N. Volkova, Dr. A. Maneghetti ile aynı fikirde. Yazar, “Psikosomatik” adlı eserinde kronik (ya da sıklıkla ortaya çıkan) bir hastalığın üstesinden gelebilmek için psikolojik değişimin gerekli olduğunu savunmaktadır.

Çocuk hastalıklarının da bu psikolojik, bilinçaltı bileşeni vardır. Bir çocuğun hastalığının gerçek nedeni nasıl anlaşılır ve bebeğe nasıl yardım edilir?

Çocukluk çağı hastalıklarının büyük çoğunluğu gözler, burun, kulaklar, deri ve boğazla ilişkilidir. Çocukların hastalıkları, duygularını tam olarak ifade edemediklerini (bunu yapamamak veya ebeveynlerin yasaklaması nedeniyle) gösterir. Hastalıklar sevgi, dikkat ve bakım eksikliğinin sonucudur.

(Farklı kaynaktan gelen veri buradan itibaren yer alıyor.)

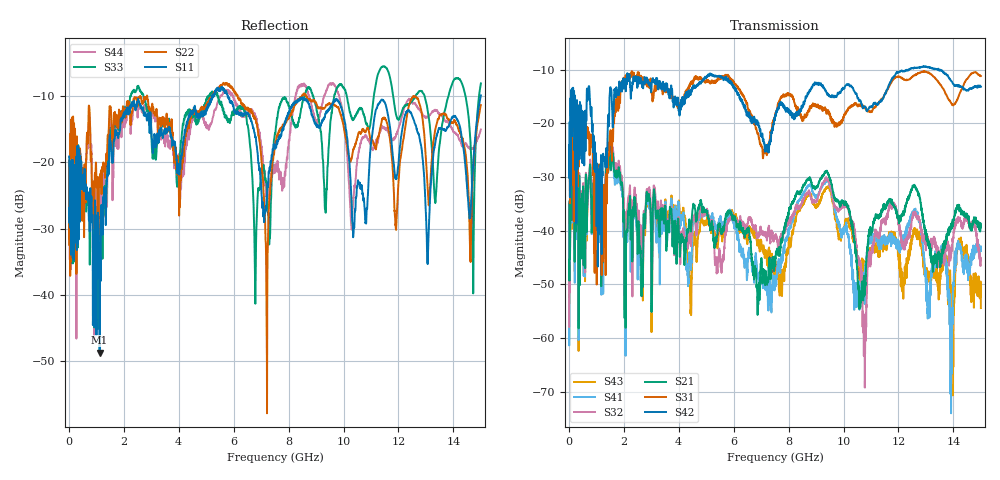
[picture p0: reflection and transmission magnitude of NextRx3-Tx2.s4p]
! FILE: N:\QM 2007\Prüfprotokolle\Highspeed\Konfektionierte Ltg\L45593-D106\D30\8216\0002\Next  Platine 1\NextRx3-Tx2.s4p
# MHz S DB R 50.00
! FREQ  S11  S12  S13  S14
!  S21  S22  S23  S24
!  S31  S32  S33  S34
!  S41  S42  S43  S44
!  DB  ANG  DB  ANG  DB  ANG  DB  ANG
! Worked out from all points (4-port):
!   2999 points, 10 MHz to 15 GHz, reference 50 ohm
!   strongest paths, dB at 10 MHz, 3.755 GHz, 7.505 GHz, 11.26 GHz, 15 GHz:
!     S42: -24.1, -13.5, -19.0, -16.5, -13.2
!     S31: -24.8, -15.2, -18.7, -16.3, -11.2
!     S21: -45.4, -38.2, -46.3, -37.6, -39.4
!     S32: -57.9, -38.6, -41.5, -40.5, -45.4
!     S41: -39.0, -34.6, -49.7, -42.1, -42.9
!     S43: -47.5, -34.4, -46.4, -42.9, -54.4
!   lowest |S11| = -48.7 dB at 1.12 GHz (marker M1), VSWR 1.01, Z = 49.7 + j0.241 ohm
!   |S11| at or under -10 dB: start of sweep to 5.216 GHz; 5.221774 GHz to 5.247576 GHz (25.8 MHz wide, 0.493 % of centre); 5.777 GHz to 15 GHz (9.22 GHz wide, 88.8 % of centre)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
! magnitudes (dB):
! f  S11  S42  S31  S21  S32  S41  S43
! 10 MHz  -19.2  -24.1  -24.8  -45.4  -57.9  -39.0  -47.5
! 125 MHz  -20.0  -13.6  -20.0  -31.0  -30.5  -31.4  -31.5
! 1.12 GHz  -48.7  -32.2  -27.7  -40.7  -38.8  -42.1  -40.5
! 2.505 GHz  -10.9  -13.0  -10.5  -44.3  -38.5  -49.1  -40.9
! 7.195 GHz  -25.5  -24.2  -25.4  -48.7  -41.0  -49.9  -44.1
! 8.535 GHz  -10.4  -16.5  -19.5  -31.6  -34.1  -33.2  -35.1
! 15 GHz  -10.0  -13.2  -11.2  -39.4  -45.4  -42.9  -54.4

Çocuk doğduğu andan itibaren kendine ait inançlarla sosyal bir ortama girer. Ancak doğumdan itibaren bebeğin kendi inançları vardır. Çocuğun etrafındaki insanlara uyum sağlaması gerekecektir. Çocuk, yetişkinler hoşlanmasa bile duygularını ve hislerini ifade etme hakkına sahip olduğunu anlamalıdır, ancak aynı zamanda çevresindeki insanların kendi işleri, kaygıları olduğunu ve tüm boş zamanlarını buna adayamayacaklarını da anlamalıdır. o.

Pratisyen psikoterapist, homeopat, psikolog V.V. Sinelnikov, “Hastalığınızı Sevin” adlı kitabında çocukluk çağı hastalıklarının özelliklerine dikkat çekiyor. Çoğunlukla derin duygusal deneyimler fiziksel bir hastalığın arkasında gizlenir. Hastalığı yenmek için ebeveynlerin ve çocuğun ciddi bir psikolojik değişimden geçmesi gerekecektir.

Çocuklar ebeveynleriyle ince bir enerji düzeyinde bağlantılıdır ve çocukluk hastalıkları aile içindeki ilişkilerin bir yansımasıdır. Çocuk, karşısında kimse birbirine düşmanlık göstermese bile yakın akrabalar arasındaki ilişkilerde gerginlik hisseder.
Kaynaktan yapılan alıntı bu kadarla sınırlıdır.